Items from a data source

== Segment start ==

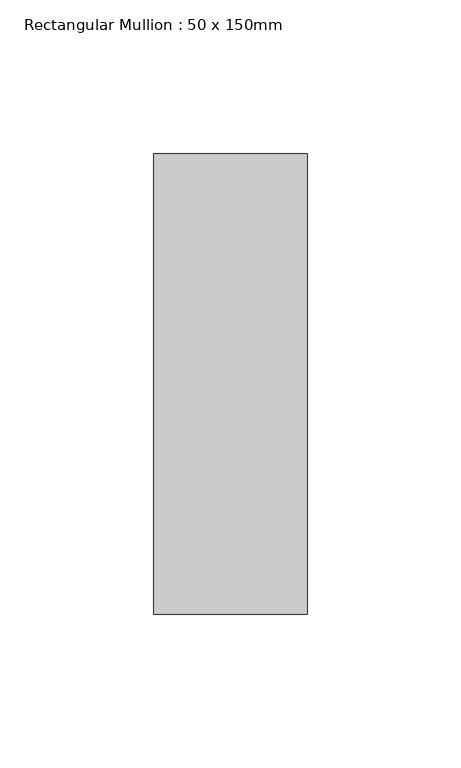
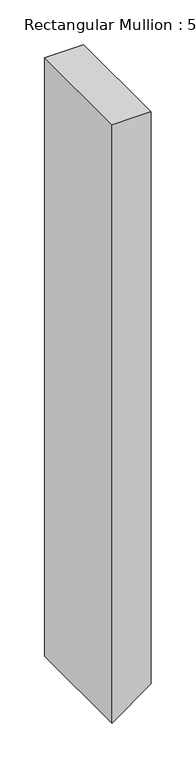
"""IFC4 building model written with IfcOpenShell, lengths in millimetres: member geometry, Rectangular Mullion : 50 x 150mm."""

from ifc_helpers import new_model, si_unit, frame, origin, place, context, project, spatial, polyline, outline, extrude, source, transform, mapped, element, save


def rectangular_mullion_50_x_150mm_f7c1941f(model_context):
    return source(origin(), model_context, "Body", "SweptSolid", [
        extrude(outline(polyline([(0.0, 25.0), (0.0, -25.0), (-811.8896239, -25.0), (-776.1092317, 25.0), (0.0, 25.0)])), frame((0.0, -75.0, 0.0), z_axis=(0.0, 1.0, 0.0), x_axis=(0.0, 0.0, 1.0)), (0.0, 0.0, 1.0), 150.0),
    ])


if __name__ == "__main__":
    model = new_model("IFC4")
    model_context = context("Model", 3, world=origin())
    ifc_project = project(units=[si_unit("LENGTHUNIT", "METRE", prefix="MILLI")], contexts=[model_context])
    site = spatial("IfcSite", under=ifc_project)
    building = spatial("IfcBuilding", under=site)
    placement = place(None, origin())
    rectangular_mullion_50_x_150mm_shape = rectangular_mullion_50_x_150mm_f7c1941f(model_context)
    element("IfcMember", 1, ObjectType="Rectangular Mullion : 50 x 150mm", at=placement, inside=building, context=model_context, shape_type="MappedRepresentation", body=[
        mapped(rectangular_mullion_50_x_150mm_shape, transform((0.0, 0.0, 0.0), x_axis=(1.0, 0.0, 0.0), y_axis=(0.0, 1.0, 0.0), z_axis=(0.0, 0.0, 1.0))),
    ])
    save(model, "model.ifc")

== Segment end ==

◆ **Work item**
Each line in the records above should be reproduced exactly; images are not copied.

◆ **Answer to this exercise**
"""IFC4 building model written with IfcOpenShell, lengths in millimetres: member geometry, Rectangular Mullion : 50 x 150mm."""

from ifc_helpers import new_model, si_unit, frame, origin, place, context, project, spatial, polyline, outline, extrude, source, transform, mapped, element, save


def rectangular_mullion_50_x_150mm_f7c1941f(model_context):
    return source(origin(), model_context, "Body", "SweptSolid", [
        extrude(outline(polyline([(0.0, 25.0), (0.0, -25.0), (-811.8896239, -25.0), (-776.1092317, 25.0), (0.0, 25.0)])), frame((0.0, -75.0, 0.0), z_axis=(0.0, 1.0, 0.0), x_axis=(0.0, 0.0, 1.0)), (0.0, 0.0, 1.0), 150.0),
    ])


if __name__ == "__main__":
    model = new_model("IFC4")
    model_context = context("Model", 3, world=origin())
    ifc_project = project(units=[si_unit("LENGTHUNIT", "METRE", prefix="MILLI")], contexts=[model_context])
    site = spatial("IfcSite", under=ifc_project)
    building = spatial("IfcBuilding", under=site)
    placement = place(None, origin())
    rectangular_mullion_50_x_150mm_shape = rectangular_mullion_50_x_150mm_f7c1941f(model_context)
    element("IfcMember", 1, ObjectType="Rectangular Mullion : 50 x 150mm", at=placement, inside=building, context=model_context, shape_type="MappedRepresentation", body=[
        mapped(rectangular_mullion_50_x_150mm_shape, transform((0.0, 0.0, 0.0), x_axis=(1.0, 0.0, 0.0), y_axis=(0.0, 1.0, 0.0), z_axis=(0.0, 0.0, 1.0))),
    ])
    save(model, "model.ifc")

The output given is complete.